The reason is that, as beautiful the idea is of using RDFa to make a) the human-readable presentation and b) the machine-readable meta-data link to the same literals, the problematic is it in reality once the structure of a) and b) are very different. For very simple property-value pairs, embedding RDFa markup is no problem. But if you have a bit more complexity at the conceptual level and in particular if there are significant differences to the structure of the presentation (e.g. in terms of granularity, ordering of elements, etc.), it gets very, very messy and hard to maintain.

Further discussion in this thread elaborates the interest in having the documents in which the RDFa is embedded carry much more schema-level information.

Like the Sowa case, this raises the question of where to draw the line. Should embedded metadata in documents carry complex schema information as well? So, we now shift the focus from data exchange to schema representation.

I think this is really unnecessary since it is quite easy in RDFa to refer to a separately specified schema.

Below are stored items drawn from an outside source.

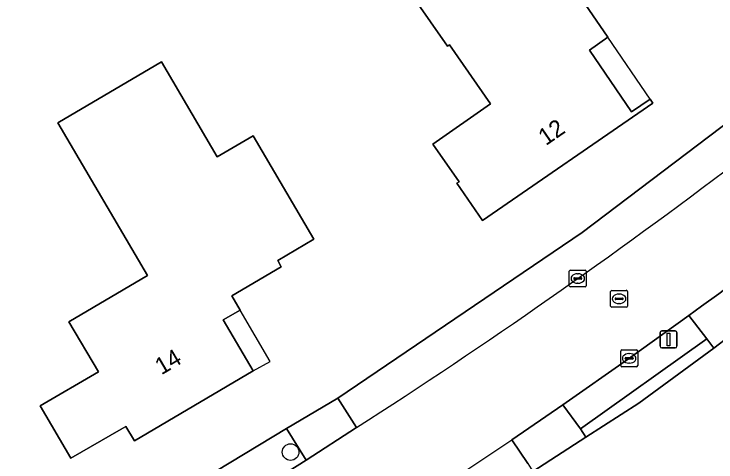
# Model space of a CAD drawing. Extents: x 162661 to 163484, y 380247 to 381230.
# Drawn here: x 163252.74 to 163294.19, y 380811.4 to 380837.83 of the extents above; entities that cross this region are included whole.
import ezdxf

# ---------------------------------------------------------------- set-up
doc = ezdxf.new("R2010")
doc.units = 0
for name, color, linetype in [('IMGEO_Berm_groen', 7, 'Continuous'), ('IMGEO_Boom', 7, 'Continuous'), ('IMGEO_Erf', 7, 'Continuous'), ('IMGEO_Groenvoorziening', 7, 'Continuous'), ('IMGEO_Haag', 7, 'Continuous'), ('IMGEO_Kolk', 7, 'Continuous'), ('IMGEO_Lichtmast', 7, 'Continuous'), ('IMGEO_Pand', 7, 'Continuous'), ('IMGEO_Pand_nummerreeks', 7, 'Continuous'), ('IMGEO_Pand_overbouw', 7, 'Continuous'), ('IMGEO_Parkeervlak_halfverhard', 7, 'Continuous'), ('IMGEO_Rijbaan_lokaal_gesloten', 7, 'Continuous'), ('IMGEO_Rioolput', 7, 'Continuous'), ('IMGEO_Voetpad_open', 7, 'Continuous')]:
    doc.layers.add(name, color=color, linetype=linetype)

msp = doc.modelspace()

# ---------------------------------------------------------------- linework, layer by layer
at = {"layer": 'IMGEO_Berm_groen'}
msp.add_lwpolyline([(163268.777, 380810.744), (163269.991, 380811.509), (163268.827, 380813.377), (163259.718, 380807.867), (163249.489, 380802.652), (163234.804, 380796.412), (163233.609, 380795.947), (163230.868, 380795.207), (163231.337, 380793.654), (163232.546, 380794.003), (163234.122, 380794.496), (163235.335, 380794.916)], dxfattribs=at)
at = {"layer": 'IMGEO_Boom'}
msp.add_circle((163269.076, 380811.987), 0.489, dxfattribs=at)
at = {"layer": 'IMGEO_Erf'}
for points in [[(163284.386, 380846.539), (163287.518, 380842.017), (163285.139, 380840.377), (163287.81, 380836.462), (163286.717, 380835.701), (163289.199, 380832.062), (163290.299, 380832.813), (163290.471, 380832.561), (163280.409, 380825.643), (163278.9, 380827.84), (163279.023, 380827.926), (163277.468, 380830.156), (163280.884, 380832.538), (163278.463, 380836.01), (163278.348, 380835.93), (163275.326, 380840.265)], [(163266.857, 380830.641), (163270.449, 380824.538), (163268.313, 380823.281), (163268.527, 380822.919), (163265.597, 380821.195), (163266.094, 380820.351), (163265.084, 380819.789), (163266.858, 380816.772), (163259.856, 380812.653), (163259.353, 380813.504), (163259.067, 380813.338), (163256.108, 380811.625), (163254.293, 380814.723), (163257.726, 380816.711), (163255.989, 380819.664), (163260.633, 380822.398), (163255.337, 380831.399), (163261.451, 380834.997), (163264.745, 380829.399)]]:
    msp.add_lwpolyline(points, close=True, dxfattribs=at)
for points in [[(163358.343, 380813.122), (163328.383, 380844.802), (163327.309, 380843.958), (163315.112, 380834.375), (163312.188, 380832.112), (163296.843, 380820.233), (163294.076, 380818.108), (163289.632, 380814.871), (163286.499, 380812.86), (163283.372, 380810.85), (163278.115, 380807.338)], [(163127.759, 380780.998), (163130.169, 380781.233), (163135.951, 380781.798), (163169.717, 380785.094), (163173.288, 380785.441), (163177.861, 380785.922), (163181.694, 380786.429), (163187.844, 380787.314), (163203.861, 380789.941), (163216.422, 380792.223), (163223.823, 380793.651), (163227.184, 380794.299), (163228.163, 380794.477), (163230.868, 380795.207), (163233.609, 380795.947), (163234.804, 380796.412), (163249.489, 380802.652), (163259.718, 380807.867), (163268.827, 380813.377), (163271.872, 380815.173), (163286.296, 380824.946), (163299.265, 380834.754)]]:
    msp.add_lwpolyline(points, dxfattribs=at)
at = {"layer": 'IMGEO_Groenvoorziening'}
msp.add_lwpolyline([(163295.418, 380829.09), (163300.721, 380833.188), (163300.104, 380835.416), (163299.265, 380834.754), (163286.296, 380824.946), (163271.872, 380815.173), (163272.964, 380813.427)], dxfattribs=at)
msp.add_lwpolyline([(163293.648, 380818.666), (163286.202, 380813.348), (163286.499, 380812.86), (163289.632, 380814.871), (163294.076, 380818.108)], close=True, dxfattribs=at)
msp.add_arc((163083.936, 381108.339), 350.292, 302.65851, 307.13762, dxfattribs=at)
at = {"layer": 'IMGEO_Haag'}
msp.add_lwpolyline([(163293.648, 380818.666), (163286.202, 380813.348), (163286.499, 380812.86), (163289.632, 380814.871), (163294.076, 380818.108)], close=True, dxfattribs=at)
at = {"layer": 'IMGEO_Kolk'}
for p, q in [((163285.533, 380821.799), (163285.533, 380822.651)), ((163285.608, 380822.725), (163286.46, 380822.725)), ((163286.021, 380822.505), (163286.046, 380822.505)), ((163286.534, 380822.651), (163286.534, 380821.799)), ((163285.792, 380822.219), (163285.792, 380822.231)), ((163286.23, 380822.182), (163285.832, 380822.182)), ((163285.835, 380822.268), (163286.233, 380822.268)), ((163286.276, 380822.231), (163286.276, 380822.219)), ((163286.46, 380821.725), (163285.608, 380821.725)), ((163286.044, 380821.945), (163286.019, 380821.945)), ((163288.568, 380817.087), (163288.568, 380817.939)), ((163288.643, 380818.013), (163289.495, 380818.013)), ((163289.569, 380817.939), (163289.569, 380817.087)), ((163288.87, 380817.556), (163289.268, 380817.556)), ((163289.056, 380817.793), (163289.081, 380817.793)), ((163288.827, 380817.507), (163288.827, 380817.519)), ((163289.265, 380817.47), (163288.867, 380817.47)), ((163289.079, 380817.233), (163289.054, 380817.233)), ((163289.311, 380817.519), (163289.311, 380817.507)), ((163289.495, 380817.013), (163288.643, 380817.013))]:
    msp.add_line(p, q, dxfattribs=at)
for points in [[(163285.533, 380821.799), (163285.533, 380822.651)], [(163285.608, 380822.725), (163286.46, 380822.725)], [(163286.534, 380822.651), (163286.534, 380821.799)], [(163286.46, 380821.725), (163285.608, 380821.725)], [(163288.568, 380817.087), (163288.568, 380817.939)], [(163288.643, 380818.013), (163289.495, 380818.013)], [(163289.569, 380817.939), (163289.569, 380817.087)], [(163289.495, 380817.013), (163288.643, 380817.013)]]:
    msp.add_lwpolyline(points, dxfattribs=at)
for centre, radius, start, end in [((163285.61, 380822.649), 0.0765, 91.552, 178.448), ((163285.61, 380822.649), 0.0765, 91.552, 178.448), ((163286.458, 380822.649), 0.0765, 1.552, 88.448), ((163286.458, 380822.649), 0.0765, 1.552, 88.448), ((163285.832, 380822.228), 0.0403, 85.8775, 175.7526), ((163285.829, 380822.218), 0.0366, 178.938, 274.7102), ((163286.233, 380822.225), 0.043, 264.8664, 352.4533), ((163286.237, 380822.23), 0.0386, 1.7309, 96.639), ((163285.61, 380821.801), 0.0765, 181.552, 268.448), ((163285.61, 380821.801), 0.0765, 181.552, 268.448), ((163286.458, 380821.801), 0.0765, 271.552, 358.448), ((163286.458, 380821.801), 0.0765, 271.552, 358.448), ((163288.645, 380817.937), 0.0765, 91.552, 178.448), ((163288.645, 380817.937), 0.0765, 91.552, 178.448), ((163289.493, 380817.937), 0.0765, 1.552, 88.448), ((163289.493, 380817.937), 0.0765, 1.552, 88.448), ((163288.867, 380817.516), 0.0403, 85.8775, 175.7526), ((163289.272, 380817.518), 0.0386, 1.7309, 96.639), ((163288.864, 380817.506), 0.0366, 178.938, 274.7102), ((163289.268, 380817.513), 0.043, 264.8664, 352.4533), ((163288.645, 380817.089), 0.0765, 181.552, 268.448), ((163288.645, 380817.089), 0.0765, 181.552, 268.448), ((163289.493, 380817.089), 0.0765, 271.552, 358.448), ((163289.493, 380817.089), 0.0765, 271.552, 358.448)]:
    msp.add_arc(centre, radius, start, end, dxfattribs=at)
for centre, major_axis, ratio, start_param, end_param in [((163286.02, 380822.225), (-0.387, 0.002), 0.722429, 4.712389, 7.853982), ((163286.045, 380822.225), (-0.39, 0.002), 0.717154, 1.570796, 4.712389), ((163289.055, 380817.513), (-0.387, 0.002), 0.722429, 4.712389, 7.853982), ((163289.08, 380817.513), (-0.39, 0.002), 0.717154, 1.570796, 4.712389)]:
    msp.add_ellipse(centre, major_axis=major_axis, ratio=ratio, start_param=start_param, end_param=end_param, dxfattribs=at)
at = {"layer": 'IMGEO_Lichtmast'}
for p, q in [((163290.896, 380818.232), (163290.896, 380819.032)), ((163290.896, 380819.032), (163290.896, 380818.232)), ((163290.996, 380819.132), (163291.786, 380819.132)), ((163291.786, 380819.132), (163290.996, 380819.132)), ((163291.886, 380819.032), (163291.886, 380818.232)), ((163291.886, 380818.232), (163291.886, 380819.032)), ((163291.786, 380818.132), (163290.996, 380818.132)), ((163290.996, 380818.132), (163291.786, 380818.132))]:
    msp.add_line(p, q, dxfattribs=at)
msp.add_lwpolyline([(163291.316, 380819.007), (163291.466, 380819.007), (163291.466, 380818.257), (163291.316, 380818.257), (163291.316, 380819.007)], dxfattribs=at)
for centre, start, end in [((163290.996, 380819.032), 90, 180), ((163290.996, 380819.032), 90, 180), ((163291.786, 380819.032), 0, 90), ((163291.786, 380819.032), 360, 90), ((163290.996, 380818.232), 180, 270), ((163290.996, 380818.232), 180, 270), ((163291.786, 380818.232), 270, 0), ((163291.786, 380818.232), 270, 0)]:
    msp.add_arc(centre, 0.1, start, end, dxfattribs=at)
at = {"layer": 'IMGEO_Pand'}
for points in [[(163286.717, 380835.701), (163287.81, 380836.462), (163285.139, 380840.377), (163287.518, 380842.017), (163284.386, 380846.539), (163275.326, 380840.265), (163278.348, 380835.93), (163278.463, 380836.01), (163280.884, 380832.538), (163277.468, 380830.156), (163279.023, 380827.926), (163278.9, 380827.84), (163280.409, 380825.643), (163290.471, 380832.561), (163290.299, 380832.813), (163289.199, 380832.062)], [(163266.858, 380816.772), (163265.084, 380819.789), (163266.094, 380820.351), (163265.597, 380821.195), (163268.527, 380822.919), (163268.313, 380823.281), (163270.449, 380824.538), (163266.857, 380830.641), (163264.745, 380829.399), (163261.451, 380834.997), (163255.337, 380831.399), (163260.633, 380822.398), (163255.989, 380819.664), (163257.726, 380816.711), (163254.293, 380814.723), (163256.108, 380811.625), (163259.067, 380813.338), (163259.353, 380813.504), (163259.856, 380812.653)]]:
    msp.add_lwpolyline(points, close=True, dxfattribs=at)
at = {"layer": 'IMGEO_Pand_overbouw'}
for points in [[(163290.299, 380832.813), (163287.81, 380836.462), (163286.717, 380835.701), (163289.199, 380832.062)], [(163266.858, 380816.772), (163267.868, 380817.334), (163266.094, 380820.351), (163265.084, 380819.789)]]:
    msp.add_lwpolyline(points, close=True, dxfattribs=at)
at = {"layer": 'IMGEO_Parkeervlak_halfverhard'}
msp.add_lwpolyline([(163293.648, 380818.666), (163292.588, 380820.05), (163289.024, 380817.48), (163285.156, 380814.764), (163286.202, 380813.348)], close=True, dxfattribs=at)
msp.add_lwpolyline([(163283.087, 380811.31), (163282.143, 380812.714)], dxfattribs=at)
msp.add_arc((163131.346, 381036.662), 269.986, 298.17056, 303.9546, dxfattribs=at)
at = {"layer": 'IMGEO_Rijbaan_lokaal_gesloten'}
for points in [[(163282.143, 380812.714), (163285.156, 380814.764), (163289.024, 380817.48), (163292.588, 380820.05), (163293.338, 380820.591), (163294.365, 380821.326), (163295.462, 380822.16), (163304.782, 380829.248), (163310.785, 380833.886), (163313.701, 380836.164), (163321.926, 380842.801), (163322.625, 380843.354)], [(163272.964, 380813.427), (163269.991, 380811.509), (163268.777, 380810.744)]]:
    msp.add_lwpolyline(points, dxfattribs=at)
for centre, radius, start, end in [((163083.936, 381108.339), 350.292, 302.65851, 307.13762), ((163131.346, 381036.662), 269.986, 298.17056, 303.9546)]:
    msp.add_arc(centre, radius, start, end, dxfattribs=at)
at = {"layer": 'IMGEO_Rioolput'}
for p, q in [((163287.972, 380820.601), (163287.972, 380821.453)), ((163288.047, 380821.527), (163288.899, 380821.527)), ((163288.46, 380821.307), (163288.485, 380821.307)), ((163288.973, 380821.453), (163288.973, 380820.601)), ((163288.231, 380821.021), (163288.231, 380821.033)), ((163288.669, 380820.984), (163288.271, 380820.984)), ((163288.274, 380821.07), (163288.672, 380821.07)), ((163288.715, 380821.033), (163288.715, 380821.021)), ((163288.899, 380820.527), (163288.047, 380820.527)), ((163288.483, 380820.747), (163288.458, 380820.747))]:
    msp.add_line(p, q, dxfattribs=at)
for points in [[(163287.972, 380820.601), (163287.972, 380821.453)], [(163288.047, 380821.527), (163288.899, 380821.527)], [(163288.973, 380821.453), (163288.973, 380820.601)], [(163288.899, 380820.527), (163288.047, 380820.527)]]:
    msp.add_lwpolyline(points, dxfattribs=at)
for centre, radius, start, end in [((163288.049, 380821.451), 0.0765, 91.552, 178.448), ((163288.049, 380821.451), 0.0765, 91.552, 178.448), ((163288.897, 380821.451), 0.0765, 1.552, 88.448), ((163288.897, 380821.451), 0.0765, 1.552, 88.448), ((163288.271, 380821.03), 0.0403, 85.8775, 175.7526), ((163288.268, 380821.02), 0.0366, 178.938, 274.7102), ((163288.672, 380821.027), 0.043, 264.8664, 352.4533), ((163288.676, 380821.032), 0.0386, 1.7309, 96.639), ((163288.049, 380820.603), 0.0765, 181.552, 268.448), ((163288.049, 380820.603), 0.0765, 181.552, 268.448), ((163288.897, 380820.603), 0.0765, 271.552, 358.448), ((163288.897, 380820.603), 0.0765, 271.552, 358.448)]:
    msp.add_arc(centre, radius, start, end, dxfattribs=at)
for centre, major_axis, ratio, start_param, end_param in [((163288.459, 380821.027), (-0.387, 0.002), 0.722429, 4.712389, 7.853982), ((163288.484, 380821.027), (-0.39, 0.002), 0.717154, 1.570796, 4.712389)]:
    msp.add_ellipse(centre, major_axis=major_axis, ratio=ratio, start_param=start_param, end_param=end_param, dxfattribs=at)
at = {"layer": 'IMGEO_Voetpad_open'}
for points in [[(163294.365, 380821.326), (163293.338, 380820.591), (163292.588, 380820.05), (163293.648, 380818.666), (163294.076, 380818.108), (163296.843, 380820.233), (163296.473, 380820.749), (163295.462, 380822.16)], [(163269.991, 380811.509), (163272.964, 380813.427), (163271.872, 380815.173), (163268.827, 380813.377)], [(163283.087, 380811.31), (163283.372, 380810.85), (163286.499, 380812.86), (163286.202, 380813.348), (163285.156, 380814.764), (163282.143, 380812.714)]]:
    msp.add_lwpolyline(points, close=True, dxfattribs=at)

# ---------------------------------------------------------------- texts
at = {"layer": 'IMGEO_Pand_nummerreeks'}
for s, rotation, p in [('12', 34.5092, (163284.144, 380830.031)), ('14', 30.4688, (163261.446, 380816.511))]:
    msp.add_text(s, height=1, rotation=rotation, dxfattribs=at).set_placement(p)

doc.saveas('drawing.dxf')

By, in this case, conflating metadata transfer and exchange with schema, the bar has been raised unnecessarily high.

If we need to capture schema and world views, fine, let us do so directly and succinctly. Then, let our document metadata (in this case using RDFa) make attribute assertions about that “payload” simply and cleanly. The Web certainly does not need individual documents carrying with them entire schema representational views of the world.

Observation: Data exchange, even based on RDF (via RDFa), is best kept to the assertions of facts and attributes.

Example 3: Mixing Vocabularies

In a microformats context, Thomas Lörtsch posed some questions on mixing vocabularies [5] and how they should be interpreted. This caused an involved discussion of intent and possible implications and best practices, with discussants including Brian Suda, Peter Mika, Ben Ward and others. It also led to the start of a useful wiki page on how objects should be represented in Web pages when multiple microformats can be invoked.

For quite some time microformats, I think, have gotten the “mix” just about right. They have created well-reasoned attributes for distinct instance types and seek to keep their embedding of that information simple in existing documents. Some advocate while others question the rigor of the microformat structure; that is not the topic here.

What is interesting about this thread is that it evolved to discuss the implications and best practices when an author posts a document with more than one microformat. How do these vocabularies relate? How should we, as “consumers” of the document, parse the vocabularies?

Yahoo!’s SearchMonkey service has recognized microformats for some time, and its questions regarding interpretation and best practices in the thread were natural. But the interesting point that seemed to come out of this thread is that users will post microformats as they wish. While care and standards in the design of the microformats can help reduce confusion and conflict, it can not guarantee it. The final responsibility for proper ingest and processing likely resides with the aggregators and publishers that consume such data.

So, here, too, we have another case of asserting metadata and embedding for data exchange in a slightly different native format than RDF. Huzzah!

Observation: Standards setters and consuming agents (often aggregators, publishers or search engines) should take lead responsibility for best practices and processing attribute data, realizing that original authors and developers may not fully comply.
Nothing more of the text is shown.